■ Task to complete ■
Print the data that follows, exactly and completely.

══════

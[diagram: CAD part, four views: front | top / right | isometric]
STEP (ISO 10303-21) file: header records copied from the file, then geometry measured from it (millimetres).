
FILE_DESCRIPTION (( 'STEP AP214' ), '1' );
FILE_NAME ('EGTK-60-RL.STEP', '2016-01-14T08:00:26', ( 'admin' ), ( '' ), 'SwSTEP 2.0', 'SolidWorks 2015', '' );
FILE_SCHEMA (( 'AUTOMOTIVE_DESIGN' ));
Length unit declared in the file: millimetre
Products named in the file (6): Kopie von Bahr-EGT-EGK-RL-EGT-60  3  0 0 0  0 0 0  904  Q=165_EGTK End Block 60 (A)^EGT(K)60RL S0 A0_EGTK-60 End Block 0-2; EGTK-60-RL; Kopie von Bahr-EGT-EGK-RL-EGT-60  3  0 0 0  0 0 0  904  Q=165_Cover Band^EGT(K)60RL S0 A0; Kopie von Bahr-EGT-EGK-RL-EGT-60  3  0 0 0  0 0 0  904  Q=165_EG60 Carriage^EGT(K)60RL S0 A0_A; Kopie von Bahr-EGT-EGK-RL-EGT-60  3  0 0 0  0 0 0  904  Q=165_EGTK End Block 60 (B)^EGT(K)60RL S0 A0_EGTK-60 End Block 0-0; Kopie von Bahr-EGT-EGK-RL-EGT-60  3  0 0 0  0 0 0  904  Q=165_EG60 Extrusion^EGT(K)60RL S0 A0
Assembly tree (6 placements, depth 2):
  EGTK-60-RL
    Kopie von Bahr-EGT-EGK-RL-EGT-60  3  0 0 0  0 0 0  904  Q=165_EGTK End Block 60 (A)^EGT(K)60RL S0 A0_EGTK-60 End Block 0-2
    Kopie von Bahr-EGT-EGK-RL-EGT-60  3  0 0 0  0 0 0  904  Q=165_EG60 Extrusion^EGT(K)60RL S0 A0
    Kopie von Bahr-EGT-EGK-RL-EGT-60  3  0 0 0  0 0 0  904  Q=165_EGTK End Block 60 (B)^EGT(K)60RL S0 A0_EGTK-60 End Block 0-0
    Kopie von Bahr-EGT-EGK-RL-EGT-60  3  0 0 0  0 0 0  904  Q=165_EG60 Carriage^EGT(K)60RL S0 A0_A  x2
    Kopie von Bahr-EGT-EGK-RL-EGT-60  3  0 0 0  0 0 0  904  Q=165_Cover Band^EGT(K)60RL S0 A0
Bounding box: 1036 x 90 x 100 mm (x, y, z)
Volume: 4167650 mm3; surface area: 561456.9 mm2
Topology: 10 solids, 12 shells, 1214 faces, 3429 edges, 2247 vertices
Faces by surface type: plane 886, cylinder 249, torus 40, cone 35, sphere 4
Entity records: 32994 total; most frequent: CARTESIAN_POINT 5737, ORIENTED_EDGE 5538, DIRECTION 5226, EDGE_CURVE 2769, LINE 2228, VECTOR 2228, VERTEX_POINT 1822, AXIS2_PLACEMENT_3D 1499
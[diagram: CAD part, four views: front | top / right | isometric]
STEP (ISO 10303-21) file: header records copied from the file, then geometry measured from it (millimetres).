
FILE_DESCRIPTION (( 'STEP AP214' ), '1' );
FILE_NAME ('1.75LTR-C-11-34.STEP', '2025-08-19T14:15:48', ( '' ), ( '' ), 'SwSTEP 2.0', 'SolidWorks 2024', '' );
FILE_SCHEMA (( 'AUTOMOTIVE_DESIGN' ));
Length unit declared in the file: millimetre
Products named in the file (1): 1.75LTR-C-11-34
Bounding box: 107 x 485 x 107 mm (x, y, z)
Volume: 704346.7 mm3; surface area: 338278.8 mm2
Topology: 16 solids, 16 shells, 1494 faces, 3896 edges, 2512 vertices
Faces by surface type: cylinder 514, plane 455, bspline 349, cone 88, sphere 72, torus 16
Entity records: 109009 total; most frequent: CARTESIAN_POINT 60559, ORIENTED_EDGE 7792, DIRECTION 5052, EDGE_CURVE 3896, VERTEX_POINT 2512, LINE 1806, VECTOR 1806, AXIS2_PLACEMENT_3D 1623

══════

■ Solution to the exercise ■
[diagram: CAD part, four views: front | top / right | isometric]
STEP (ISO 10303-21) file: header records copied from the file, then geometry measured from it (millimetres).
FILE_DESCRIPTION (( 'STEP AP214' ), '1' );
FILE_NAME ('EGTK-60-RL.STEP', '2016-01-14T08:00:26', ( 'admin' ), ( '' ), 'SwSTEP 2.0', 'SolidWorks 2015', '' );
FILE_SCHEMA (( 'AUTOMOTIVE_DESIGN' ));
Length unit declared in the file: millimetre
Products named in the file (6): Kopie von Bahr-EGT-EGK-RL-EGT-60  3  0 0 0  0 0 0  904  Q=165_EGTK End Block 60 (A)^EGT(K)60RL S0 A0_EGTK-60 End Block 0-2; EGTK-60-RL; Kopie von Bahr-EGT-EGK-RL-EGT-60  3  0 0 0  0 0 0  904  Q=165_Cover Band^EGT(K)60RL S0 A0; Kopie von Bahr-EGT-EGK-RL-EGT-60  3  0 0 0  0 0 0  904  Q=165_EG60 Carriage^EGT(K)60RL S0 A0_A; Kopie von Bahr-EGT-EGK-RL-EGT-60  3  0 0 0  0 0 0  904  Q=165_EGTK End Block 60 (B)^EGT(K)60RL S0 A0_EGTK-60 End Block 0-0; Kopie von Bahr-EGT-EGK-RL-EGT-60  3  0 0 0  0 0 0  904  Q=165_EG60 Extrusion^EGT(K)60RL S0 A0
Assembly tree (6 placements, depth 2):
  EGTK-60-RL
    Kopie von Bahr-EGT-EGK-RL-EGT-60  3  0 0 0  0 0 0  904  Q=165_EGTK End Block 60 (A)^EGT(K)60RL S0 A0_EGTK-60 End Block 0-2
    Kopie von Bahr-EGT-EGK-RL-EGT-60  3  0 0 0  0 0 0  904  Q=165_EG60 Extrusion^EGT(K)60RL S0 A0
    Kopie von Bahr-EGT-EGK-RL-EGT-60  3  0 0 0  0 0 0  904  Q=165_EGTK End Block 60 (B)^EGT(K)60RL S0 A0_EGTK-60 End Block 0-0
    Kopie von Bahr-EGT-EGK-RL-EGT-60  3  0 0 0  0 0 0  904  Q=165_EG60 Carriage^EGT(K)60RL S0 A0_A  x2
    Kopie von Bahr-EGT-EGK-RL-EGT-60  3  0 0 0  0 0 0  904  Q=165_Cover Band^EGT(K)60RL S0 A0
Bounding box: 1036 x 90 x 100 mm (x, y, z)
Volume: 4167650 mm3; surface area: 561456.9 mm2
Topology: 10 solids, 12 shells, 1214 faces, 3429 edges, 2247 vertices
Faces by surface type: plane 886, cylinder 249, torus 40, cone 35, sphere 4
Entity records: 32994 total; most frequent: CARTESIAN_POINT 5737, ORIENTED_EDGE 5538, DIRECTION 5226, EDGE_CURVE 2769, LINE 2228, VECTOR 2228, VERTEX_POINT 1822, AXIS2_PLACEMENT_3D 1499
[diagram: CAD part, four views: front | top / right | isometric]
STEP (ISO 10303-21) file: header records copied from the file, then geometry measured from it (millimetres).
FILE_DESCRIPTION (( 'STEP AP214' ), '1' );
FILE_NAME ('1.75LTR-C-11-34.STEP', '2025-08-19T14:15:48', ( '' ), ( '' ), 'SwSTEP 2.0', 'SolidWorks 2024', '' );
FILE_SCHEMA (( 'AUTOMOTIVE_DESIGN' ));
Length unit declared in the file: millimetre
Products named in the file (1): 1.75LTR-C-11-34
Bounding box: 107 x 485 x 107 mm (x, y, z)
Volume: 704346.7 mm3; surface area: 338278.8 mm2
Topology: 16 solids, 16 shells, 1494 faces, 3896 edges, 2512 vertices
Faces by surface type: cylinder 514, plane 455, bspline 349, cone 88, sphere 72, torus 16
Entity records: 109009 total; most frequent: CARTESIAN_POINT 60559, ORIENTED_EDGE 7792, DIRECTION 5052, EDGE_CURVE 3896, VERTEX_POINT 2512, LINE 1806, VECTOR 1806, AXIS2_PLACEMENT_3D 1623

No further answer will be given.